Devolution youth caravan voices on meaningful Youth participation in UHC

On 26th February 2019 to 2nd March 2019, members of Kenya Adolescent and Youth Sexual Reproductive Health and rights (KAYSRHR) commenced the Devolution youth caravan reaching out to young people in 6 counties. The devolution youth caravan on the Universal Health Coverage (UHC) accountability and meaningful youth engagement involved stop oversi n  different counties: Kajiado, Machakos, Nairobi, Kiambu and Nyeri featuring different activities with local youth groups and policy makers.

The caravan aimed at disseminating  Adding it Up research on adolescents  health investments as well as collecting local stories and key insights for sharing at the Devolution conference in relation to the Universal Health coverage.
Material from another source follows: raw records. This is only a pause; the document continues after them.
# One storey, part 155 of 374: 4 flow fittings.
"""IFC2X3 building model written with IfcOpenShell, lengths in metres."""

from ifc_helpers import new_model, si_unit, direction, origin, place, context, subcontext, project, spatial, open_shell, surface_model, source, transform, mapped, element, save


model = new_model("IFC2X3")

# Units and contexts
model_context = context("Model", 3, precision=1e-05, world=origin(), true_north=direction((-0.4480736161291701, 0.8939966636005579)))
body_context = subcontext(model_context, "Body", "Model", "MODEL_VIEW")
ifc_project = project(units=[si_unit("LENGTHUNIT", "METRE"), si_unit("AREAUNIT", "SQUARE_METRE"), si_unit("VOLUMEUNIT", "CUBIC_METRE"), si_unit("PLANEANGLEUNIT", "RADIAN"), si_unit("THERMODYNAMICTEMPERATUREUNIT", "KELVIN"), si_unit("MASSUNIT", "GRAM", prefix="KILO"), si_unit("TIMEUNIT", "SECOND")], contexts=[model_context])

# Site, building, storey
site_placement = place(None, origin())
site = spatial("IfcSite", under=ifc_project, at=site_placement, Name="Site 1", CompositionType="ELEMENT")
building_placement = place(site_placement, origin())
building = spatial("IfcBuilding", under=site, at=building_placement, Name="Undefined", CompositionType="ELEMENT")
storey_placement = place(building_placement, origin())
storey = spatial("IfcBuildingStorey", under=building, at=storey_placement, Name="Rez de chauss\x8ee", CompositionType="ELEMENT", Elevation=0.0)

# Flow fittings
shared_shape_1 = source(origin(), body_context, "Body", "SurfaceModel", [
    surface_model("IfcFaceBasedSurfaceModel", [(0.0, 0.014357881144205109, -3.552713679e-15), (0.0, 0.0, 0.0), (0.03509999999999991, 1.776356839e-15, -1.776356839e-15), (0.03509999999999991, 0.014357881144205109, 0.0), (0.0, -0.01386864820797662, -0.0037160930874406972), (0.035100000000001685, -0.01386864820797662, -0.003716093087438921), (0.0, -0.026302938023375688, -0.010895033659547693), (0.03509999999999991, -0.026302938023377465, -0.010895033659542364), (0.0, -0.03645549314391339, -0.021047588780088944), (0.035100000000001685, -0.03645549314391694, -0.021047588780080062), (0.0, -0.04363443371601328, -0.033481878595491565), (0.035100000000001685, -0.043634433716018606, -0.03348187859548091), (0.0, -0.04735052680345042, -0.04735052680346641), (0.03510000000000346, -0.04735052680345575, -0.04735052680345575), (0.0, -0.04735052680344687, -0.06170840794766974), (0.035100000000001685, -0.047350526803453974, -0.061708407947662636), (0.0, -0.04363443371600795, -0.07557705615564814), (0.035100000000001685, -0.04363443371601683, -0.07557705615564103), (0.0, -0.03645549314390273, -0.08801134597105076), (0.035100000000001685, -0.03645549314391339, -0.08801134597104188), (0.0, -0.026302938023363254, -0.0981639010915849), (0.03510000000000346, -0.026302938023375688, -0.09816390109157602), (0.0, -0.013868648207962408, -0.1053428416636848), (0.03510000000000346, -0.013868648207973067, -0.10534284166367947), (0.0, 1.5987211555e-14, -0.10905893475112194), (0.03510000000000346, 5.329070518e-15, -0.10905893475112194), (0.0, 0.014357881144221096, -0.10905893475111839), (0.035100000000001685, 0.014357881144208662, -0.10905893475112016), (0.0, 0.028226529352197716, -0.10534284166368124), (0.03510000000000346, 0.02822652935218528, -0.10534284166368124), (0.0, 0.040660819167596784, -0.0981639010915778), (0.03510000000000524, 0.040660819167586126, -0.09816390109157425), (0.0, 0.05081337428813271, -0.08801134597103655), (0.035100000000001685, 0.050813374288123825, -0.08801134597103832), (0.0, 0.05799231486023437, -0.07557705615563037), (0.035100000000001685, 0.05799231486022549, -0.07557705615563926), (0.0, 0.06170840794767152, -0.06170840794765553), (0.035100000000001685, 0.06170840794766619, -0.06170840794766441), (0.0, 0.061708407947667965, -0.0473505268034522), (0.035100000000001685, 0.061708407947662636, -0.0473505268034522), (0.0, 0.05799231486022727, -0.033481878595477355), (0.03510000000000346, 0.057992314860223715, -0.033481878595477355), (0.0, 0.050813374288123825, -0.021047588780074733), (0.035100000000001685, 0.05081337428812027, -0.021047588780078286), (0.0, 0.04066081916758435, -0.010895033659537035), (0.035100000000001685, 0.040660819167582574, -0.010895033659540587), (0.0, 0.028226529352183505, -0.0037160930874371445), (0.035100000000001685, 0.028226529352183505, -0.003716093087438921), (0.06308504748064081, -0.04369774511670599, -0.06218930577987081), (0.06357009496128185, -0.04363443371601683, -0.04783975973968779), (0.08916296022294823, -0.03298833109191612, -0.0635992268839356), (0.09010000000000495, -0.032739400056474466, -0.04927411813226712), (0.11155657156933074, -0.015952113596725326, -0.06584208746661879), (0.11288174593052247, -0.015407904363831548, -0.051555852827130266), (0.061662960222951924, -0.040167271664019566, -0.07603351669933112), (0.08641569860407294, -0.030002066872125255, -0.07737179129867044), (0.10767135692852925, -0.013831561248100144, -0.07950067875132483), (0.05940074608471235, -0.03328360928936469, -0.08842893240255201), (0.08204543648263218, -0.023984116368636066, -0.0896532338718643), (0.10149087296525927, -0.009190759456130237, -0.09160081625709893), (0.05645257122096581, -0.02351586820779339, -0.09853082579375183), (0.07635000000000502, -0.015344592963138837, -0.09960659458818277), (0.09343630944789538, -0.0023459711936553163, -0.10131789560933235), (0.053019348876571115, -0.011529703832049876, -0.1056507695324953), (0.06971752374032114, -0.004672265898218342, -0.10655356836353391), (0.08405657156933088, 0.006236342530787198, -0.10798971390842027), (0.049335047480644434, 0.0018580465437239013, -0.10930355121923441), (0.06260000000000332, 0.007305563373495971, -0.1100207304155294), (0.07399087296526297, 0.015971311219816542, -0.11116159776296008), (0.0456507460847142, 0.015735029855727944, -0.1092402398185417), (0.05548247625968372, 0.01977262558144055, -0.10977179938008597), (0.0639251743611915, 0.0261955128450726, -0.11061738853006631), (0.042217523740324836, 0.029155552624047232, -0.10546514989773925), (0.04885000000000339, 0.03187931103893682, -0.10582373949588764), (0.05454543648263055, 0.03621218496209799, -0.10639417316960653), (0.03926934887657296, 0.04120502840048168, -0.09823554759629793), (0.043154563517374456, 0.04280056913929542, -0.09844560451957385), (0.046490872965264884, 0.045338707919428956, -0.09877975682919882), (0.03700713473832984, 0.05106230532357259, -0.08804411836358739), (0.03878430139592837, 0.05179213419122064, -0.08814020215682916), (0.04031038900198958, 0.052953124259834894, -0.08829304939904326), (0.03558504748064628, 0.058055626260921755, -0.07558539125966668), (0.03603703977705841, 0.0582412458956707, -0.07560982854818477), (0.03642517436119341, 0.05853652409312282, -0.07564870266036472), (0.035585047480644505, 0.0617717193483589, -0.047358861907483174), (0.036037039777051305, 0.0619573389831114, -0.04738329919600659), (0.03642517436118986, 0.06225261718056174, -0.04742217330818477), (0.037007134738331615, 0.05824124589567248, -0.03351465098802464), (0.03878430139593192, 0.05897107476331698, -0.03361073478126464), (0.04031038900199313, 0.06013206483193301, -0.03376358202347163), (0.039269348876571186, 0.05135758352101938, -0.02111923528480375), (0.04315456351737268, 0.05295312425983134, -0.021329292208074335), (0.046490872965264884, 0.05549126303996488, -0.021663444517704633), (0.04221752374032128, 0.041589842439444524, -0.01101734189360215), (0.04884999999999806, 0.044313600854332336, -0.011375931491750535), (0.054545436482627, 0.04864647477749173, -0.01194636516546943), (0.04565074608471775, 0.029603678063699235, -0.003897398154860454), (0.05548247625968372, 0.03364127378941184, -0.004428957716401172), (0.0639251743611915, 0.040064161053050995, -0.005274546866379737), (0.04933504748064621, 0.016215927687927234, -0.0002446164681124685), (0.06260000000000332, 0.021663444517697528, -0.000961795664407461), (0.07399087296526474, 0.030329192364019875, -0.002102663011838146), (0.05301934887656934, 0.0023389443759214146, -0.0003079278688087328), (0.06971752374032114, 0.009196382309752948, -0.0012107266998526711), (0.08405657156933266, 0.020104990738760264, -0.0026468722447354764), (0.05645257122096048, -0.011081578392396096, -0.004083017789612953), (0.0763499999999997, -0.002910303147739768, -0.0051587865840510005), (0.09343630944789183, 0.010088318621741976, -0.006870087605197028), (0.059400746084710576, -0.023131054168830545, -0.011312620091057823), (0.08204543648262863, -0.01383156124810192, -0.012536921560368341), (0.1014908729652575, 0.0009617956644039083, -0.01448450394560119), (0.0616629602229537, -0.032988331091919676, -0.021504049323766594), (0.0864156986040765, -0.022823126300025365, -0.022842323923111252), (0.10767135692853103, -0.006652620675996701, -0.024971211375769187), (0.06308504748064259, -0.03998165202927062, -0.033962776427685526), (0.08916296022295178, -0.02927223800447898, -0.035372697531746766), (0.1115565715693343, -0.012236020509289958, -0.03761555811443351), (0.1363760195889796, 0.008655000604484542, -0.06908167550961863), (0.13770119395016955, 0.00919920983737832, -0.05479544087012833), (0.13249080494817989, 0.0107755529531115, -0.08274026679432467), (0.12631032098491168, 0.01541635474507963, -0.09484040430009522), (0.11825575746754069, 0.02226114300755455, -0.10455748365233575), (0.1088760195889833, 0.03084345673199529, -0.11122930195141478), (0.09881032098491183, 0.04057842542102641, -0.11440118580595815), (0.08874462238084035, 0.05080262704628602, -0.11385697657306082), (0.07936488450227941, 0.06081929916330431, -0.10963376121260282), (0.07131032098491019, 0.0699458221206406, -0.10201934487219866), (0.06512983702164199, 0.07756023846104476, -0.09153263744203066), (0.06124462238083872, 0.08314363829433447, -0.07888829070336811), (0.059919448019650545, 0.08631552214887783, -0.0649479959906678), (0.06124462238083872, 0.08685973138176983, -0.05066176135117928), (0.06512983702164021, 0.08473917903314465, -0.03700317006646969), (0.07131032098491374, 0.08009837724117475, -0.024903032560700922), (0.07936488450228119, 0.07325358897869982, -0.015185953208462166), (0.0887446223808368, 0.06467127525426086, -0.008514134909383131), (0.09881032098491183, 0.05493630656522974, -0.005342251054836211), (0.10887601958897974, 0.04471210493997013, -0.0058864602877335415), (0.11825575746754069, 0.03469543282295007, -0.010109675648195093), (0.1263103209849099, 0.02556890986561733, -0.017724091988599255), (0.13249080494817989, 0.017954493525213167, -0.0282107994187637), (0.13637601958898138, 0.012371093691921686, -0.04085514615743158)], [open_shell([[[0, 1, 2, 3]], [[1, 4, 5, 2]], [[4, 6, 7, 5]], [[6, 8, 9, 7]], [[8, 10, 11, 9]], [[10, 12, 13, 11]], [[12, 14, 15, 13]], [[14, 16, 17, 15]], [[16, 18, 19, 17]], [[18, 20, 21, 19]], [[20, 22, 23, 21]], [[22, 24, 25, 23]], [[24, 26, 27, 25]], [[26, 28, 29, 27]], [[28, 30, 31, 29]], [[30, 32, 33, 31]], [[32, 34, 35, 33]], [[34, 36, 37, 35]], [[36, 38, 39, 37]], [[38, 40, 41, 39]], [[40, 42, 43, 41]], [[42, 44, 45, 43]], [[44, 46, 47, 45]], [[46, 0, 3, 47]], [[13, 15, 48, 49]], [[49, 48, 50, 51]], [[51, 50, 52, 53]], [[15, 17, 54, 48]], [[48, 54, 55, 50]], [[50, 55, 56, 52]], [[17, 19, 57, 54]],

A key finding from the focus group discussions among other engagement methodologies applied during the caravan pointed out to indications of low levels of meaningful youth engagement. Young people were concerned about the lack of representation such as in county government advisory boards. Young people feel that lack of representation and involvement leads to poor implementation of programs. For instance, youths complained about the mobilization strategies applied in creating awareness for UHC registration in the pilot counties. Youths reported that some of their peers continue to be unregistered and still have misconceptions about UHC. It was also reported that lack of meaningful youth engagement causes confusion during government transition periods leading to uncompleted projects and commencement of new ones; hence leading to a lack of strategic direction and loss of funds on the uncompleted projects. Young people are confident that given a chance they can be an asset in providing solutions in order to better reach out to their fellow constituents as well as address their concerns.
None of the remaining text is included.